From: Junio C Hamano <gitster@pobox•com>
To: David Kastrup <dak@gnu•org>
Cc: git@vger•kernel.org
Subject: Re: [PATCH 3/3] builtin/blame.c: large-scale rewrite
Date: Mon, 27 Jan 2014 12:51:33 -0800 [thread overview]
Message-ID: <xmqqtxcpno6i.fsf@gitster.dls.corp.google.com> (raw)
In-Reply-To: <87a9eh8b0d.fsf@fencepost.gnu.org> (David Kastrup's message of "Mon, 27 Jan 2014 20:45:06 +0100")
David Kastrup <dak@gnu•org> writes:
> Junio C Hamano <gitster@pobox•com> writes:
>
>> David Kastrup <dak@gnu•org> writes:
>>
>>> The previous implementation uses a sorted linear list of struct
>>> blame_entry in a struct scoreboard for organizing all partial or
>>> completed work. Every task that is done requires going through the
>>> whole list where most entries are not relevant to the task at hand.
>>>
>>> This commit reorganizes the data structures in order to have each
>>> remaining subtask work with its own sorted linear list it can work off
>>> front to back. Subtasks are organized into "struct origin" chains
>>> hanging off particular commits. Commits are organized into a priority
>>> queue, processing them in commit date order in order to keep most of
>>> the work affecting a particular blob collated even in the presence of
>>> an extensive merge history. In that manner, linear searches can be
>>> basically avoided anywhere. They still are done for identifying one
>>> of multiple analyzed files in a given commit, but the degenerate case
>>> of a single large file being assembled from a multitude of smaller
>>> files in the past is not likely to occur often enough to warrant
>>> special treatment.
>>> ---
>>
>> Sign-off?
>
> Not while this is not fit for merging because of #if 0 etc and missing
> functionality. This is just for review.

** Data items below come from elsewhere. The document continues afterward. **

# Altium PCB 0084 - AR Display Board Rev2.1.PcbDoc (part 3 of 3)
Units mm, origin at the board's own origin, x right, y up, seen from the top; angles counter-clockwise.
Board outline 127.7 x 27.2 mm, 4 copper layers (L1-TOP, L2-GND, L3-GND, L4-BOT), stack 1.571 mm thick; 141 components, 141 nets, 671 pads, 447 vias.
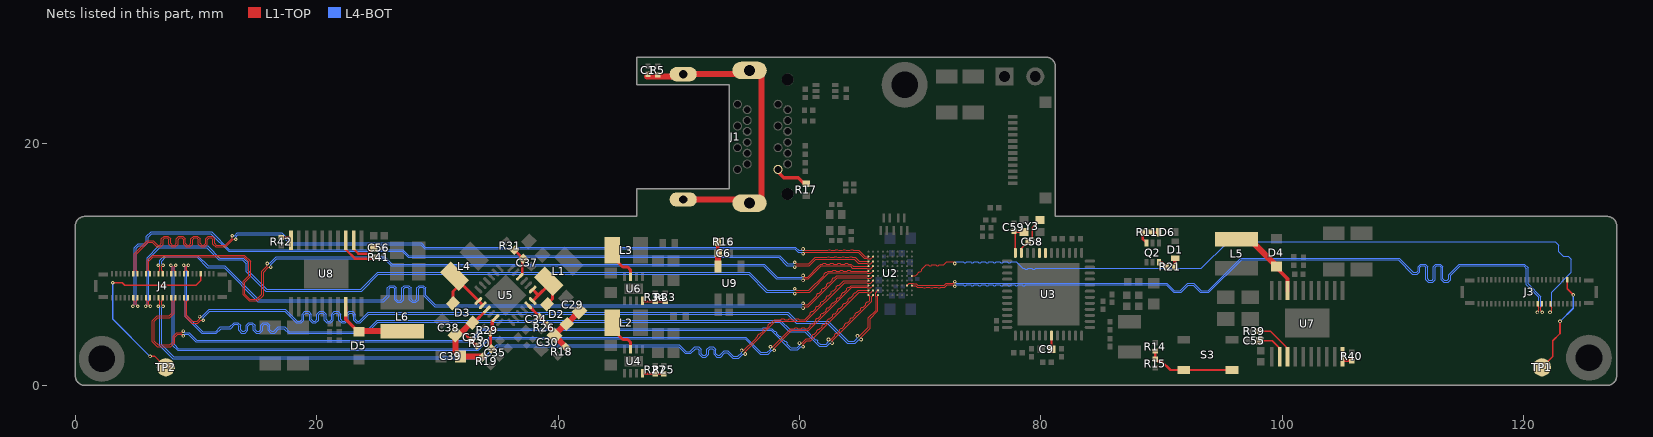
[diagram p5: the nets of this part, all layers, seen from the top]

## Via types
v1: diameter 0.3, hole 0.15, L1-TOP to L4-BOT, tented both sides, 445 vias
v2: diameter 0.25, hole 0.1, L1-TOP to L4-BOT, tented both sides, 2 vias

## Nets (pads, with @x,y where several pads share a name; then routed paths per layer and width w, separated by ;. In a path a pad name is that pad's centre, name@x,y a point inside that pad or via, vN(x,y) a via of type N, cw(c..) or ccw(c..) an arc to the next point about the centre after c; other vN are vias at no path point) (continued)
MIPI_DSI01_3_P: J3.35 U2.F10 | length 63.9
  L1-TOP w0.076: U2.F10@69.3,9.075 69.591,9.075 69.698,9.183 69.914,9.398 70.022,9.398 70.129,9.506 70.129,9.614 70.345,9.829 70.516,10 70.668,10 70.744,9.924 70.897,9.924 70.973,10 71.278,10 71.354,9.924 71.506,9.924 71.582,10 71.8,10 71.96,10 72.184,10.224 72.736,10.224 v1(72.86,10.1) ; v1@122.187,6.05 v1(122.175,6.05) 122.299,6.174 122.299,6.476 122.2,6.575 J3.35@122.2,6.75
  L4-BOT w0.076: v1(72.86,10.1) 72.984,10.224 73.1,10.224 73.252,10.224 73.557,10.224 73.633,10.148 73.786,10.148 73.862,10.224 74.167,10.224 74.243,10.148 74.395,10.148 74.472,10.224 74.776,10.224 74.853,10.148 75.005,10.148 75.081,10.224 75.386,10.224 75.462,10.148 75.615,10.148 75.691,10.224 75.996,10.224 76.072,10.148 76.224,10.148 76.3,10.224 76.605,10.224 76.681,10.148 76.834,10.148 76.91,10.224 77.215,10.224 77.291,10.148 77.443,10.148 77.52,10.224 77.824,10.224 77.961,10.224 78.484,9.7 78.637,9.7 78.713,9.624 78.865,9.624 78.942,9.7 79.246,9.7 79.323,9.624 79.475,9.624 79.551,9.7 79.6,9.7 93.3,9.7 95.5,11.9 122.6,11.9 122.9,11.6 122.9,11.084 123.284,10.7 123.684,10.7 123.948,10.437 123.948,9.376 122.299,7.727 122.299,6.174 v1(122.175,6.05)
MIPI_DSI01_C_N: J3.31 U2.H9 | length 64
  L1-TOP w0.076: U2.H9@68.9,8.275 69.1,8.475 69.383,8.475 69.43,8.427 69.673,8.427 69.8,8.3 71.984,8.3 72.161,8.476 72.736,8.476 v1(72.86,8.6) ; J3.31@121.5,6.75 121.5,6.575 121.401,6.476 121.401,6.174 v1(121.525,6.05) v1@121.513,6.05
  L4-BOT w0.076: v1(72.86,8.6) 72.984,8.476 90.439,8.476 91.063,7.852 91.552,7.852 92.152,8.452 92.663,8.452 93.263,7.852 93.852,7.852 96.552,10.552 109.663,10.552 ; 109.678,10.552 109.663,10.552 ; v1(121.525,6.05) 121.401,6.174 121.401,7.35 120.351,8.4 120.351,9.739 120.041,10.05 114.657,10.05 113.781,9.174 113.781,8.824 113.667,8.71 113.413,8.71 113.299,8.824 113.299,9.841 113.095,10.045 112.715,10.045 112.511,9.841 112.511,8.824 112.397,8.71 112.143,8.71 112.029,8.824 112.029,9.841 111.825,10.045 111.445,10.045 111.241,9.841 111.241,9.492 111.127,9.377 110.838,9.377 109.663,10.552
MIPI_DSI01_C_P: J3.29 U2.H10 | length 63.9
  L1-TOP w0.076: U2.H10@69.3,8.275 69.609,8.275 69.737,8.148 69.889,8.148 70.194,8.148 70.27,8.071 70.423,8.071 70.499,8.148 70.804,8.148 70.88,8.071 71.032,8.071 71.108,8.148 71.413,8.148 71.489,8.071 71.642,8.071 71.718,8.148 72.023,8.148 72.048,8.148 72.224,8.324 72.736,8.324 v1(72.86,8.2) ; v1@121.137,6.05 v1(121.125,6.05) 121.249,6.174 121.249,6.476 121.15,6.575 J3.29@121.15,6.75
  L4-BOT w0.076: v1(72.86,8.2) 72.984,8.324 73.1,8.324 73.252,8.324 73.557,8.324 73.633,8.248 73.786,8.248 73.862,8.324 74.167,8.324 74.243,8.248 74.395,8.248 74.472,8.324 74.776,8.324 74.853,8.248 75.005,8.248 75.081,8.324 75.386,8.324 75.462,8.248 75.615,8.248 75.691,8.324 75.996,8.324 76.072,8.248 76.224,8.248 76.3,8.324 76.605,8.324 76.681,8.248 76.834,8.248 76.91,8.324 77.215,8.324 77.291,8.248 77.443,8.248 77.52,8.324 77.824,8.324 77.901,8.248 78.053,8.248 78.129,8.324 78.434,8.324 78.51,8.248 78.663,8.248 78.739,8.324 90.376,8.324 91,7.7 91.616,7.7 92.216,8.3 92.6,8.3 93.2,7.7 93.916,7.7 96.616,10.4 109.6,10.4 110.775,9.225 111.19,9.225 111.394,9.428 111.394,9.778 111.508,9.892 111.762,9.892 111.876,9.778 111.876,8.761 112.08,8.558 112.46,8.558 112.664,8.761 112.664,9.778 112.778,9.892 113.032,9.892 113.146,9.778 113.146,8.761 113.35,8.558 113.73,8.558 113.934,8.761 113.934,9.111 114.72,9.898 119.977,9.898 120.199,9.676 120.199,8.337 121.249,7.287 121.249,6.174 v1(121.125,6.05)
MIPI_DSI10_0_N: J4.11 U2.C1 | length 69.1
  L1-TOP w0.076: v1@4.787,6.55 v1(4.775,6.55) 4.899,6.674 4.899,6.976 4.8,7.075 J4.11@4.8,7.25 ; v1(59.6,10.2) 59.724,10.076 60.761,10.076 61.284,10.6 62.1,10.6 62.252,10.6 62.329,10.676 62.481,10.676 62.557,10.6 62.862,10.6 62.938,10.676 63.091,10.676 63.167,10.6 63.472,10.6 63.548,10.676 63.7,10.676 63.776,10.6 64.081,10.6 64.157,10.676 64.31,10.676 64.386,10.6 64.616,10.6 64.941,10.275 U2.C1@65.7,10.275
  L4-BOT w0.076: v1(4.775,6.55) 4.899,6.674 4.899,11.414 5.212,11.727 5.712,11.727 5.898,11.913 5.898,12.338 6.287,12.727 11.288,12.727 12.763,11.252 27.138,11.252 27.638,10.752 58.348,10.752 59.024,10.076 59.476,10.076 v1(59.6,10.2)
MIPI_DSI10_0_P: J4.13 U2.C2 | length 69.1
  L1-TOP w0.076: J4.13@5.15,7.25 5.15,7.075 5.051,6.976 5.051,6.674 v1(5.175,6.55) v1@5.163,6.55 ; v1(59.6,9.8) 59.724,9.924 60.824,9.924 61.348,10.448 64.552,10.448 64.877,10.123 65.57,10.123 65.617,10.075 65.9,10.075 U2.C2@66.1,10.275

That is not what Signing off a patch means, though ;-)
>> Actually, I'd like to take my previous suggestion to add this as
>> blame2 (to replace blame in the future) back. That was based on my
>> fear/hope to see an implementation based on a completely different
>> approach, but the basic premise of having one blame_entry record per
>> the lines of the final image in the scoreboard, using diff between
>> parents to the child to find common lines for passing the blame up,
>> etc. have not changed at all and the change is all about organizing
>> the pieces of data in a *much* *better* way to avoid needlessly
>> finding what we already have computed.
>
> Yes. Basically, the call graph outside of blame.c itself should be
> pretty much the same.
> ...
> Ok. I'm also certain to have a few "space between function name and
> arguments" left and will grep for those before submitting the next
> version.
>
> Next version will at least include -M option, possibly leaving -C for
> later.
OK. As we do not want to break the build in the middle of the
series, but we still want to keep the individual steps reviewable
incrementally, I would think the best structure would be have the
series that consists of multiple steps "the basic infrastructure is
there, but no rename following, and neither -M or -C works", "now
renames are followed", "now -M works", etc., with tests that are not
yet working (in the beginning, most of "git blame" test may no
longer work until the series is finished) marked with
s/test_expect_success/test_expect_failure/
and turn expect_failure into expect_success as the series advances.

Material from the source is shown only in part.